Thank you for this information! It sounds like it works similar to how my transportation service works. I pay an amount of money into my account and then when I use it, they deduct the charge from my account. The only difference is, if I don't use it for several months, they don't deduct any charges. Do you mind telling me what phone your sister purchased to work with this plan? I'm looking for a phone and was interested in a reasonably priced flip phone. Thanks again for your help!


----------



## Butterfly (May 18, 2018)

AprilSun, I'm not sure what her phone is, but I'll ask  her.  She bought it from T-Mobile.  One caveat, if you are shopping for phones to take to T-Mobile, check first to see that they are compatible.  

The T-mobile website says this, "GSM-capable _phones_ that support Band II (1900 MHz) or IV (1700/2100 MHz) are _compatible with T-Mobile's_ network. CDMA _phones_ are not _compatible_ with the _T-Mobile_ network. Additionally, _phones_ may need to be _unlocked_ to operate on _T-Mobile's_ network" which is what we were told when we went to talk to T-mobile.  ALSO, Verizon uses CDMA technology and their phones will not work with T-Mobile.  I have no idea what CDMA or GSM mean or how they are different.

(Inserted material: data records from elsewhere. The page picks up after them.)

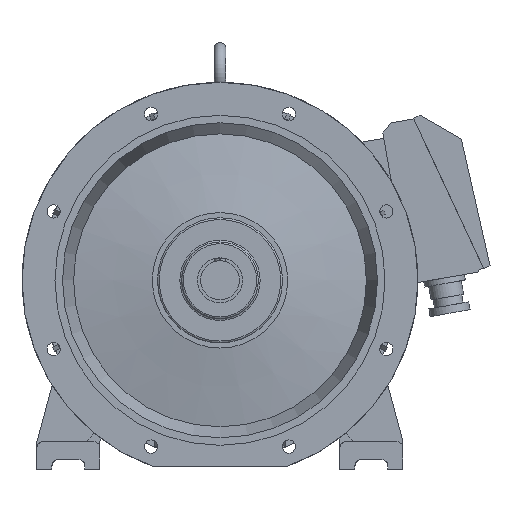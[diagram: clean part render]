
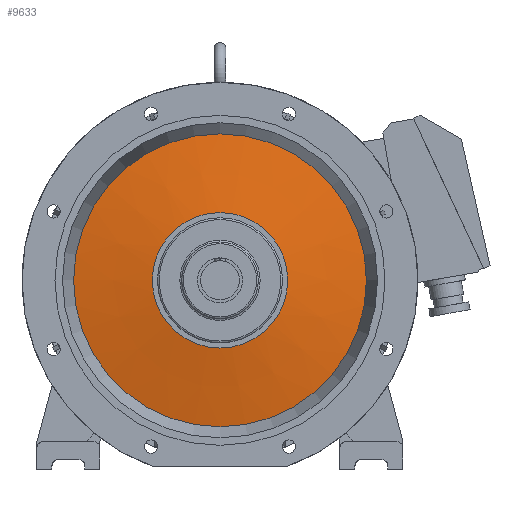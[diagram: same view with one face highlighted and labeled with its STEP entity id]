
A CAD part, front view. The second image highlights one B-rep face of the part: STEP entity #9633.
In plain terms, the highlighted conical face has half-angle 80.426 degrees and reference radius 112.912 mm.
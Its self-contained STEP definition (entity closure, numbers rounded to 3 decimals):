
#36=CONICAL_SURFACE('',#10399,112.912,1.404);
#3198=ORIENTED_EDGE('',*,*,#5817,.T.);
#3199=ORIENTED_EDGE('',*,*,#5816,.F.);
#5816=EDGE_CURVE('',#7117,#7117,#7758,.T.);
#5817=EDGE_CURVE('',#7118,#7118,#7759,.T.);
#7117=VERTEX_POINT('',#17475);
#7118=VERTEX_POINT('',#17478);
#7758=CIRCLE('',#10398,112.912);
#7759=CIRCLE('',#10400,244.069);
#8017=EDGE_LOOP('',(#3198));
#8018=EDGE_LOOP('',(#3199));
#8647=FACE_BOUND('',#8017,.T.);
#8648=FACE_BOUND('',#8018,.T.);
#9633=ADVANCED_FACE('',(#8647,#8648),#36,.T.);
#10398=AXIS2_PLACEMENT_3D('',#17474,#11959,#11960);
#10399=AXIS2_PLACEMENT_3D('',#17476,#11961,#11962);
#10400=AXIS2_PLACEMENT_3D('',#17477,#11963,#11964);
#11959=DIRECTION('',(0.,-1.,0.));
#11960=DIRECTION('',(1.,0.,0.));
#11961=DIRECTION('',(0.,1.,0.));
#11962=DIRECTION('',(-1.,0.,0.));
#11963=DIRECTION('',(0.,-1.,0.));
#11964=DIRECTION('',(1.,0.,0.));
#17474=CARTESIAN_POINT('',(0.,182.516,0.));
#17475=CARTESIAN_POINT('',(112.912,182.516,0.));
#17476=CARTESIAN_POINT('',(0.,182.516,0.));
#17477=CARTESIAN_POINT('',(0.,204.637,0.));
#17478=CARTESIAN_POINT('',(244.069,204.637,0.));

If you have a T-Mobile store in your area, go in and talk to them about what phones will work before you buy one.  When you either buy a phone from them or bring in a compatible device, they will set it all up for you, put in the sim card  and even transfer your contacts, etc., be sure your old service is properly cancelled and transport your number.  That's what we did when my sister switched.  There may be a charge for setup, but if there is, it isn't much, and IMHO well worth it because I'm not a whiz at setting up electronic stuff and when it comes to phones I am dumb as a stump. 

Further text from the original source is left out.